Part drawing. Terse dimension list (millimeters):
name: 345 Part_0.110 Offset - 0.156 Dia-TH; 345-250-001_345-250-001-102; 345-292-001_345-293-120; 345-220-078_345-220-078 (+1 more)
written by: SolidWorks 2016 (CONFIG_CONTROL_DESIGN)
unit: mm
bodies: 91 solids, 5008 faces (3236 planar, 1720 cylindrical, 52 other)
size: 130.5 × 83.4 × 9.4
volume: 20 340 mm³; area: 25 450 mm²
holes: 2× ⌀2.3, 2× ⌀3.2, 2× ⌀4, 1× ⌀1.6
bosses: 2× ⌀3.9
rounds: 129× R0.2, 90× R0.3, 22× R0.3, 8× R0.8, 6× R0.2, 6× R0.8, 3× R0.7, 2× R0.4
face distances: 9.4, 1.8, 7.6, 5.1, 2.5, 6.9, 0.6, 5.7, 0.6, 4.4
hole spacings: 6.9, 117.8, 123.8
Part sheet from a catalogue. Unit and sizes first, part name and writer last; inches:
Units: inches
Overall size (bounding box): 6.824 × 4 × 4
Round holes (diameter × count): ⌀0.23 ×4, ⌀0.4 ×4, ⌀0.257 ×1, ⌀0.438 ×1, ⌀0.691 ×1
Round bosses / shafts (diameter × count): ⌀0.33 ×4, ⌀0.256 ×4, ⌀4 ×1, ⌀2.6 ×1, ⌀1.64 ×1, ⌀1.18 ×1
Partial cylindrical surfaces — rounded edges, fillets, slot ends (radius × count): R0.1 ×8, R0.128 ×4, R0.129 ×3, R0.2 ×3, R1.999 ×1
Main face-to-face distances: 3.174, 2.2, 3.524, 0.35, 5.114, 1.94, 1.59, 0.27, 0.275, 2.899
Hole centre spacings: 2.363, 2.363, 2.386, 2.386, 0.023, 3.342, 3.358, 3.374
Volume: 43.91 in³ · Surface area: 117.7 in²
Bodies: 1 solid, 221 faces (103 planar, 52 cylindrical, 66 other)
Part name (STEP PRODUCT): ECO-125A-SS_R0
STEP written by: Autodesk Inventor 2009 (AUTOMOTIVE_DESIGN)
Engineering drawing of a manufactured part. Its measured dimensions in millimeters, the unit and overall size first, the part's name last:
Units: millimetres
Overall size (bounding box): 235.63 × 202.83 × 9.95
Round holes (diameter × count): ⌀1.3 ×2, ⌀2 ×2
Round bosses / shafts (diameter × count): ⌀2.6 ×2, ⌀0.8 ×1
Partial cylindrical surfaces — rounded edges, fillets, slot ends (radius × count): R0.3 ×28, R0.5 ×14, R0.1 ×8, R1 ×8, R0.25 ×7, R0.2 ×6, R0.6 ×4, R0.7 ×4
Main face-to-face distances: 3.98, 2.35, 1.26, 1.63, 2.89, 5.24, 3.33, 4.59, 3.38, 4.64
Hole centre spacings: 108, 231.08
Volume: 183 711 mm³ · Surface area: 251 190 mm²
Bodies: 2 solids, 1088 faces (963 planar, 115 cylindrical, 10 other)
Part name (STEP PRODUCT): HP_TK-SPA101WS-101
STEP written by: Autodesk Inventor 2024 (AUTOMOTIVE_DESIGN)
==*==
### What the task asks
Copy the entire listing exactly. Do not skip a line.

### Reply
Part drawing. Terse dimension list (millimeters):
name: 345 Part_0.110 Offset - 0.156 Dia-TH; 345-250-001_345-250-001-102; 345-292-001_345-293-120; 345-220-078_345-220-078 (+1 more)
written by: SolidWorks 2016 (CONFIG_CONTROL_DESIGN)
unit: mm
bodies: 91 solids, 5008 faces (3236 planar, 1720 cylindrical, 52 other)
size: 130.5 × 83.4 × 9.4
volume: 20 340 mm³; area: 25 450 mm²
holes: 2× ⌀2.3, 2× ⌀3.2, 2× ⌀4, 1× ⌀1.6
bosses: 2× ⌀3.9
rounds: 129× R0.2, 90× R0.3, 22× R0.3, 8× R0.8, 6× R0.2, 6× R0.8, 3× R0.7, 2× R0.4
face distances: 9.4, 1.8, 7.6, 5.1, 2.5, 6.9, 0.6, 5.7, 0.6, 4.4
hole spacings: 6.9, 117.8, 123.8
Part sheet from a catalogue. Unit and sizes first, part name and writer last; inches:
Units: inches
Overall size (bounding box): 6.824 × 4 × 4
Round holes (diameter × count): ⌀0.23 ×4, ⌀0.4 ×4, ⌀0.257 ×1, ⌀0.438 ×1, ⌀0.691 ×1
Round bosses / shafts (diameter × count): ⌀0.33 ×4, ⌀0.256 ×4, ⌀4 ×1, ⌀2.6 ×1, ⌀1.64 ×1, ⌀1.18 ×1
Partial cylindrical surfaces — rounded edges, fillets, slot ends (radius × count): R0.1 ×8, R0.128 ×4, R0.129 ×3, R0.2 ×3, R1.999 ×1
Main face-to-face distances: 3.174, 2.2, 3.524, 0.35, 5.114, 1.94, 1.59, 0.27, 0.275, 2.899
Hole centre spacings: 2.363, 2.363, 2.386, 2.386, 0.023, 3.342, 3.358, 3.374
Volume: 43.91 in³ · Surface area: 117.7 in²
Bodies: 1 solid, 221 faces (103 planar, 52 cylindrical, 66 other)
Part name (STEP PRODUCT): ECO-125A-SS_R0
STEP written by: Autodesk Inventor 2009 (AUTOMOTIVE_DESIGN)
Engineering drawing of a manufactured part. Its measured dimensions in millimeters, the unit and overall size first, the part's name last:
Units: millimetres
Overall size (bounding box): 235.63 × 202.83 × 9.95
Round holes (diameter × count): ⌀1.3 ×2, ⌀2 ×2
Round bosses / shafts (diameter × count): ⌀2.6 ×2, ⌀0.8 ×1
Partial cylindrical surfaces — rounded edges, fillets, slot ends (radius × count): R0.3 ×28, R0.5 ×14, R0.1 ×8, R1 ×8, R0.25 ×7, R0.2 ×6, R0.6 ×4, R0.7 ×4
Main face-to-face distances: 3.98, 2.35, 1.26, 1.63, 2.89, 5.24, 3.33, 4.59, 3.38, 4.64
Hole centre spacings: 108, 231.08
Volume: 183 711 mm³ · Surface area: 251 190 mm²
Bodies: 2 solids, 1088 faces (963 planar, 115 cylindrical, 10 other)
Part name (STEP PRODUCT): HP_TK-SPA101WS-101
STEP written by: Autodesk Inventor 2024 (AUTOMOTIVE_DESIGN)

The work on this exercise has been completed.